"""

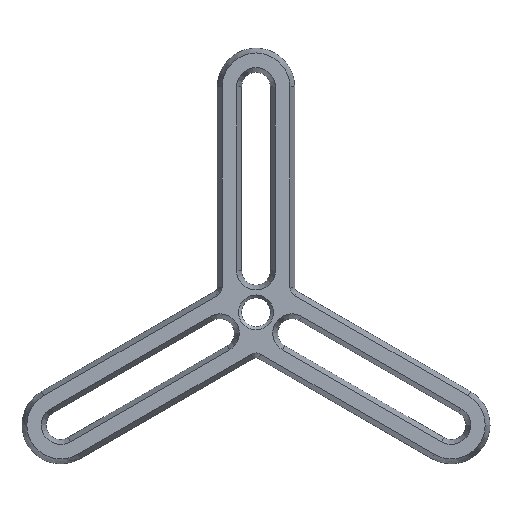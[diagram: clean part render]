
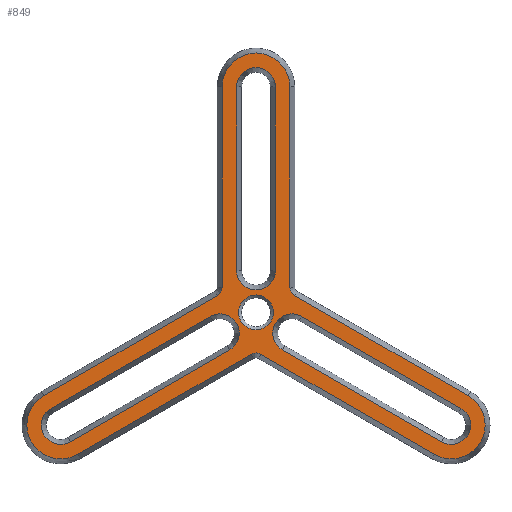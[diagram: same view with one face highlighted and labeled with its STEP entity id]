
A CAD part, top view. The second image highlights one B-rep face of the part: STEP entity #849.
In plain terms, the highlighted planar face has unit normal (0, 0, 1).
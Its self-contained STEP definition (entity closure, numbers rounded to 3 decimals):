
#28=FACE_BOUND('',#116,.T.);
#29=FACE_BOUND('',#117,.T.);
#30=FACE_BOUND('',#118,.T.);
#31=FACE_BOUND('',#119,.T.);
#36=PLANE('',#917);
#63=FACE_OUTER_BOUND('',#115,.T.);
#115=EDGE_LOOP('',(#589,#590,#591,#592,#593,#594,#595,#596,#597,#598,#599,
#600));
#116=EDGE_LOOP('',(#601,#602,#603,#604));
#117=EDGE_LOOP('',(#605,#606,#607,#608));
#118=EDGE_LOOP('',(#609,#610,#611,#612));
#119=EDGE_LOOP('',(#613));
#175=LINE('',#1285,#261);
#176=LINE('',#1289,#262);
#177=LINE('',#1293,#263);
#178=LINE('',#1297,#264);
#179=LINE('',#1301,#265);
#180=LINE('',#1305,#266);
#181=LINE('',#1309,#267);
#182=LINE('',#1313,#268);
#183=LINE('',#1317,#269);
#184=LINE('',#1321,#270);
#185=LINE('',#1325,#271);
#186=LINE('',#1329,#272);
#261=VECTOR('',#1016,10.);
#262=VECTOR('',#1019,10.);
#263=VECTOR('',#1022,10.);
#264=VECTOR('',#1025,10.);
#265=VECTOR('',#1028,10.);
#266=VECTOR('',#1031,10.);
#267=VECTOR('',#1034,10.);
#268=VECTOR('',#1037,10.);
#269=VECTOR('',#1040,10.);
#270=VECTOR('',#1043,10.);
#271=VECTOR('',#1046,10.);
#272=VECTOR('',#1049,10.);
#346=CIRCLE('',#915,3.6);
#348=CIRCLE('',#918,7.);
#349=CIRCLE('',#919,2.);
#350=CIRCLE('',#920,7.);
#351=CIRCLE('',#921,2.);
#352=CIRCLE('',#922,7.);
#353=CIRCLE('',#923,2.);
#354=CIRCLE('',#924,4.);
#355=CIRCLE('',#925,4.);
#356=CIRCLE('',#926,4.);
#357=CIRCLE('',#927,4.);
#358=CIRCLE('',#928,4.);
#359=CIRCLE('',#929,4.);
#385=VERTEX_POINT('',#1277);
#387=VERTEX_POINT('',#1283);
#388=VERTEX_POINT('',#1284);
#389=VERTEX_POINT('',#1286);
#390=VERTEX_POINT('',#1288);
#391=VERTEX_POINT('',#1290);
#392=VERTEX_POINT('',#1292);
#393=VERTEX_POINT('',#1294);
#394=VERTEX_POINT('',#1296);
#395=VERTEX_POINT('',#1298);
#396=VERTEX_POINT('',#1300);
#397=VERTEX_POINT('',#1302);
#398=VERTEX_POINT('',#1304);
#399=VERTEX_POINT('',#1307);
#400=VERTEX_POINT('',#1308);
#401=VERTEX_POINT('',#1310);
#402=VERTEX_POINT('',#1312);
#403=VERTEX_POINT('',#1315);
#404=VERTEX_POINT('',#1316);
#405=VERTEX_POINT('',#1318);
#406=VERTEX_POINT('',#1320);
#407=VERTEX_POINT('',#1323);
#408=VERTEX_POINT('',#1324);
#409=VERTEX_POINT('',#1326);
#410=VERTEX_POINT('',#1328);
#460=EDGE_CURVE('',#385,#385,#346,.T.);
#463=EDGE_CURVE('',#387,#388,#175,.T.);
#464=EDGE_CURVE('',#389,#387,#348,.T.);
#465=EDGE_CURVE('',#390,#389,#176,.T.);
#466=EDGE_CURVE('',#391,#390,#349,.T.);
#467=EDGE_CURVE('',#392,#391,#177,.T.);
#468=EDGE_CURVE('',#393,#392,#350,.T.);
#469=EDGE_CURVE('',#394,#393,#178,.T.);
#470=EDGE_CURVE('',#395,#394,#351,.T.);
#471=EDGE_CURVE('',#396,#395,#179,.T.);
#472=EDGE_CURVE('',#397,#396,#352,.T.);
#473=EDGE_CURVE('',#398,#397,#180,.T.);
#474=EDGE_CURVE('',#388,#398,#353,.T.);
#475=EDGE_CURVE('',#399,#400,#181,.T.);
#476=EDGE_CURVE('',#401,#399,#354,.T.);
#477=EDGE_CURVE('',#402,#401,#182,.T.);
#478=EDGE_CURVE('',#400,#402,#355,.T.);
#479=EDGE_CURVE('',#403,#404,#183,.T.);
#480=EDGE_CURVE('',#405,#403,#356,.T.);
#481=EDGE_CURVE('',#406,#405,#184,.T.);
#482=EDGE_CURVE('',#404,#406,#357,.T.);
#483=EDGE_CURVE('',#407,#408,#185,.T.);
#484=EDGE_CURVE('',#409,#407,#358,.T.);
#485=EDGE_CURVE('',#410,#409,#186,.T.);
#486=EDGE_CURVE('',#408,#410,#359,.T.);
#589=ORIENTED_EDGE('',*,*,#463,.F.);
#590=ORIENTED_EDGE('',*,*,#464,.F.);
#591=ORIENTED_EDGE('',*,*,#465,.F.);
#592=ORIENTED_EDGE('',*,*,#466,.F.);
#593=ORIENTED_EDGE('',*,*,#467,.F.);
#594=ORIENTED_EDGE('',*,*,#468,.F.);
#595=ORIENTED_EDGE('',*,*,#469,.F.);
#596=ORIENTED_EDGE('',*,*,#470,.F.);
#597=ORIENTED_EDGE('',*,*,#471,.F.);
#598=ORIENTED_EDGE('',*,*,#472,.F.);
#599=ORIENTED_EDGE('',*,*,#473,.F.);
#600=ORIENTED_EDGE('',*,*,#474,.F.);
#601=ORIENTED_EDGE('',*,*,#475,.F.);
#602=ORIENTED_EDGE('',*,*,#476,.F.);
#603=ORIENTED_EDGE('',*,*,#477,.F.);
#604=ORIENTED_EDGE('',*,*,#478,.F.);
#605=ORIENTED_EDGE('',*,*,#479,.F.);
#606=ORIENTED_EDGE('',*,*,#480,.F.);
#607=ORIENTED_EDGE('',*,*,#481,.F.);
#608=ORIENTED_EDGE('',*,*,#482,.F.);
#609=ORIENTED_EDGE('',*,*,#483,.F.);
#610=ORIENTED_EDGE('',*,*,#484,.F.);
#611=ORIENTED_EDGE('',*,*,#485,.F.);
#612=ORIENTED_EDGE('',*,*,#486,.F.);
#613=ORIENTED_EDGE('',*,*,#460,.F.);
#849=ADVANCED_FACE('',(#63,#28,#29,#30,#31),#36,.T.);
#915=AXIS2_PLACEMENT_3D('',#1278,#1009,#1010);
#917=AXIS2_PLACEMENT_3D('',#1282,#1014,#1015);
#918=AXIS2_PLACEMENT_3D('',#1287,#1017,#1018);
#919=AXIS2_PLACEMENT_3D('',#1291,#1020,#1021);
#920=AXIS2_PLACEMENT_3D('',#1295,#1023,#1024);
#921=AXIS2_PLACEMENT_3D('',#1299,#1026,#1027);
#922=AXIS2_PLACEMENT_3D('',#1303,#1029,#1030);
#923=AXIS2_PLACEMENT_3D('',#1306,#1032,#1033);
#924=AXIS2_PLACEMENT_3D('',#1311,#1035,#1036);
#925=AXIS2_PLACEMENT_3D('',#1314,#1038,#1039);
#926=AXIS2_PLACEMENT_3D('',#1319,#1041,#1042);
#927=AXIS2_PLACEMENT_3D('',#1322,#1044,#1045);
#928=AXIS2_PLACEMENT_3D('',#1327,#1047,#1048);
#929=AXIS2_PLACEMENT_3D('',#1330,#1050,#1051);
#1009=DIRECTION('center_axis',(0.,0.,1.));
#1010=DIRECTION('ref_axis',(1.,0.,0.));
#1014=DIRECTION('center_axis',(0.,0.,1.));
#1015=DIRECTION('ref_axis',(1.,0.,0.));
#1016=DIRECTION('',(0.,-1.,0.));
#1017=DIRECTION('center_axis',(0.,0.,-1.));
#1018=DIRECTION('ref_axis',(1.,0.,0.));
#1019=DIRECTION('',(0.,1.,0.));
#1020=DIRECTION('center_axis',(0.,0.,1.));
#1021=DIRECTION('ref_axis',(0.5,-0.866,0.));
#1022=DIRECTION('',(0.866,0.5,0.));
#1023=DIRECTION('center_axis',(0.,0.,-1.));
#1024=DIRECTION('ref_axis',(-0.5,0.866,0.));
#1025=DIRECTION('',(-0.866,-0.5,0.));
#1026=DIRECTION('center_axis',(0.,0.,1.));
#1027=DIRECTION('ref_axis',(0.5,0.866,0.));
#1028=DIRECTION('',(-0.866,0.5,0.));
#1029=DIRECTION('center_axis',(0.,0.,-1.));
#1030=DIRECTION('ref_axis',(-0.5,-0.866,0.));
#1031=DIRECTION('',(0.866,-0.5,0.));
#1032=DIRECTION('center_axis',(0.,0.,1.));
#1033=DIRECTION('ref_axis',(-1.,0.,0.));
#1034=DIRECTION('',(0.866,-0.5,0.));
#1035=DIRECTION('center_axis',(0.,0.,1.));
#1036=DIRECTION('ref_axis',(0.5,0.866,0.));
#1037=DIRECTION('',(-0.866,0.5,0.));
#1038=DIRECTION('center_axis',(0.,0.,1.));
#1039=DIRECTION('ref_axis',(-0.5,-0.866,0.));
#1040=DIRECTION('',(0.,1.,0.));
#1041=DIRECTION('center_axis',(0.,0.,1.));
#1042=DIRECTION('ref_axis',(-1.,0.,0.));
#1043=DIRECTION('',(0.,-1.,0.));
#1044=DIRECTION('center_axis',(0.,0.,1.));
#1045=DIRECTION('ref_axis',(1.,0.,0.));
#1046=DIRECTION('',(0.866,0.5,0.));
#1047=DIRECTION('center_axis',(0.,0.,1.));
#1048=DIRECTION('ref_axis',(-0.5,0.866,0.));
#1049=DIRECTION('',(-0.866,-0.5,0.));
#1050=DIRECTION('center_axis',(0.,0.,1.));
#1051=DIRECTION('ref_axis',(0.5,-0.866,0.));
#1277=CARTESIAN_POINT('',(-593.6,554.256,15.));
#1278=CARTESIAN_POINT('Origin',(-590.,554.256,15.));
#1282=CARTESIAN_POINT('Origin',(-590.,565.911,15.));
#1283=CARTESIAN_POINT('',(-583.,600.875,15.));
#1284=CARTESIAN_POINT('',(-583.,559.452,15.));
#1285=CARTESIAN_POINT('',(-583.,562.681,15.));
#1286=CARTESIAN_POINT('',(-597.,600.875,15.));
#1287=CARTESIAN_POINT('Origin',(-590.,600.875,15.));
#1288=CARTESIAN_POINT('',(-597.,559.452,15.));
#1289=CARTESIAN_POINT('',(-597.,583.393,15.));
#1290=CARTESIAN_POINT('',(-598.,557.72,15.));
#1291=CARTESIAN_POINT('Origin',(-599.,559.452,15.));
#1292=CARTESIAN_POINT('',(-633.873,537.009,15.));
#1293=CARTESIAN_POINT('',(-593.227,560.476,15.));
#1294=CARTESIAN_POINT('',(-626.873,524.884,15.));
#1295=CARTESIAN_POINT('Origin',(-630.373,530.947,15.));
#1296=CARTESIAN_POINT('',(-591.,545.596,15.));
#1297=CARTESIAN_POINT('',(-604.163,537.996,15.));
#1298=CARTESIAN_POINT('',(-589.,545.596,15.));
#1299=CARTESIAN_POINT('Origin',(-590.,543.864,15.));
#1300=CARTESIAN_POINT('',(-553.127,524.884,15.));
#1301=CARTESIAN_POINT('',(-593.773,548.352,15.));
#1302=CARTESIAN_POINT('',(-546.127,537.009,15.));
#1303=CARTESIAN_POINT('Origin',(-549.627,530.947,15.));
#1304=CARTESIAN_POINT('',(-582.,557.72,15.));
#1305=CARTESIAN_POINT('',(-568.837,550.12,15.));
#1306=CARTESIAN_POINT('Origin',(-581.,559.452,15.));
#1307=CARTESIAN_POINT('',(-584.536,546.483,15.));
#1308=CARTESIAN_POINT('',(-551.627,527.483,15.));
#1309=CARTESIAN_POINT('',(-574.337,540.594,15.));
#1310=CARTESIAN_POINT('',(-580.536,553.411,15.));
#1311=CARTESIAN_POINT('Origin',(-582.536,549.947,15.));
#1312=CARTESIAN_POINT('',(-547.627,534.411,15.));
#1313=CARTESIAN_POINT('',(-586.791,557.022,15.));
#1314=CARTESIAN_POINT('Origin',(-549.627,530.947,15.));
#1315=CARTESIAN_POINT('',(-586.,562.875,15.));
#1316=CARTESIAN_POINT('',(-586.,600.875,15.));
#1317=CARTESIAN_POINT('',(-586.,583.393,15.));
#1318=CARTESIAN_POINT('',(-594.,562.875,15.));
#1319=CARTESIAN_POINT('Origin',(-590.,562.875,15.));
#1320=CARTESIAN_POINT('',(-594.,600.875,15.));
#1321=CARTESIAN_POINT('',(-594.,564.393,15.));
#1322=CARTESIAN_POINT('Origin',(-590.,600.875,15.));
#1323=CARTESIAN_POINT('',(-628.373,527.483,15.));
#1324=CARTESIAN_POINT('',(-595.464,546.483,15.));
#1325=CARTESIAN_POINT('',(-589.209,550.094,15.));
#1326=CARTESIAN_POINT('',(-632.373,534.411,15.));
#1327=CARTESIAN_POINT('Origin',(-630.373,530.947,15.));
#1328=CARTESIAN_POINT('',(-599.464,553.411,15.));
#1329=CARTESIAN_POINT('',(-609.663,547.522,15.));
#1330=CARTESIAN_POINT('Origin',(-597.464,549.947,15.));

"""

> [TASK TO COMPLETE]:
All lines above from the one containing "#1290=CARTESIAN_POINT('',(-598.,557.72,15.));" to the one containing "#1323=CARTESIAN_POINT('',(-628.373,527.483,15.));" must be repeated exactly, both lines included, and no others.

> [TASK SOLUTION]:
#1290=CARTESIAN_POINT('',(-598.,557.72,15.));
#1291=CARTESIAN_POINT('Origin',(-599.,559.452,15.));
#1292=CARTESIAN_POINT('',(-633.873,537.009,15.));
#1293=CARTESIAN_POINT('',(-593.227,560.476,15.));
#1294=CARTESIAN_POINT('',(-626.873,524.884,15.));
#1295=CARTESIAN_POINT('Origin',(-630.373,530.947,15.));
#1296=CARTESIAN_POINT('',(-591.,545.596,15.));
#1297=CARTESIAN_POINT('',(-604.163,537.996,15.));
#1298=CARTESIAN_POINT('',(-589.,545.596,15.));
#1299=CARTESIAN_POINT('Origin',(-590.,543.864,15.));
#1300=CARTESIAN_POINT('',(-553.127,524.884,15.));
#1301=CARTESIAN_POINT('',(-593.773,548.352,15.));
#1302=CARTESIAN_POINT('',(-546.127,537.009,15.));
#1303=CARTESIAN_POINT('Origin',(-549.627,530.947,15.));
#1304=CARTESIAN_POINT('',(-582.,557.72,15.));
#1305=CARTESIAN_POINT('',(-568.837,550.12,15.));
#1306=CARTESIAN_POINT('Origin',(-581.,559.452,15.));
#1307=CARTESIAN_POINT('',(-584.536,546.483,15.));
#1308=CARTESIAN_POINT('',(-551.627,527.483,15.));
#1309=CARTESIAN_POINT('',(-574.337,540.594,15.));
#1310=CARTESIAN_POINT('',(-580.536,553.411,15.));
#1311=CARTESIAN_POINT('Origin',(-582.536,549.947,15.));
#1312=CARTESIAN_POINT('',(-547.627,534.411,15.));
#1313=CARTESIAN_POINT('',(-586.791,557.022,15.));
#1314=CARTESIAN_POINT('Origin',(-549.627,530.947,15.));
#1315=CARTESIAN_POINT('',(-586.,562.875,15.));
#1316=CARTESIAN_POINT('',(-586.,600.875,15.));
#1317=CARTESIAN_POINT('',(-586.,583.393,15.));
#1318=CARTESIAN_POINT('',(-594.,562.875,15.));
#1319=CARTESIAN_POINT('Origin',(-590.,562.875,15.));
#1320=CARTESIAN_POINT('',(-594.,600.875,15.));
#1321=CARTESIAN_POINT('',(-594.,564.393,15.));
#1322=CARTESIAN_POINT('Origin',(-590.,600.875,15.));
#1323=CARTESIAN_POINT('',(-628.373,527.483,15.));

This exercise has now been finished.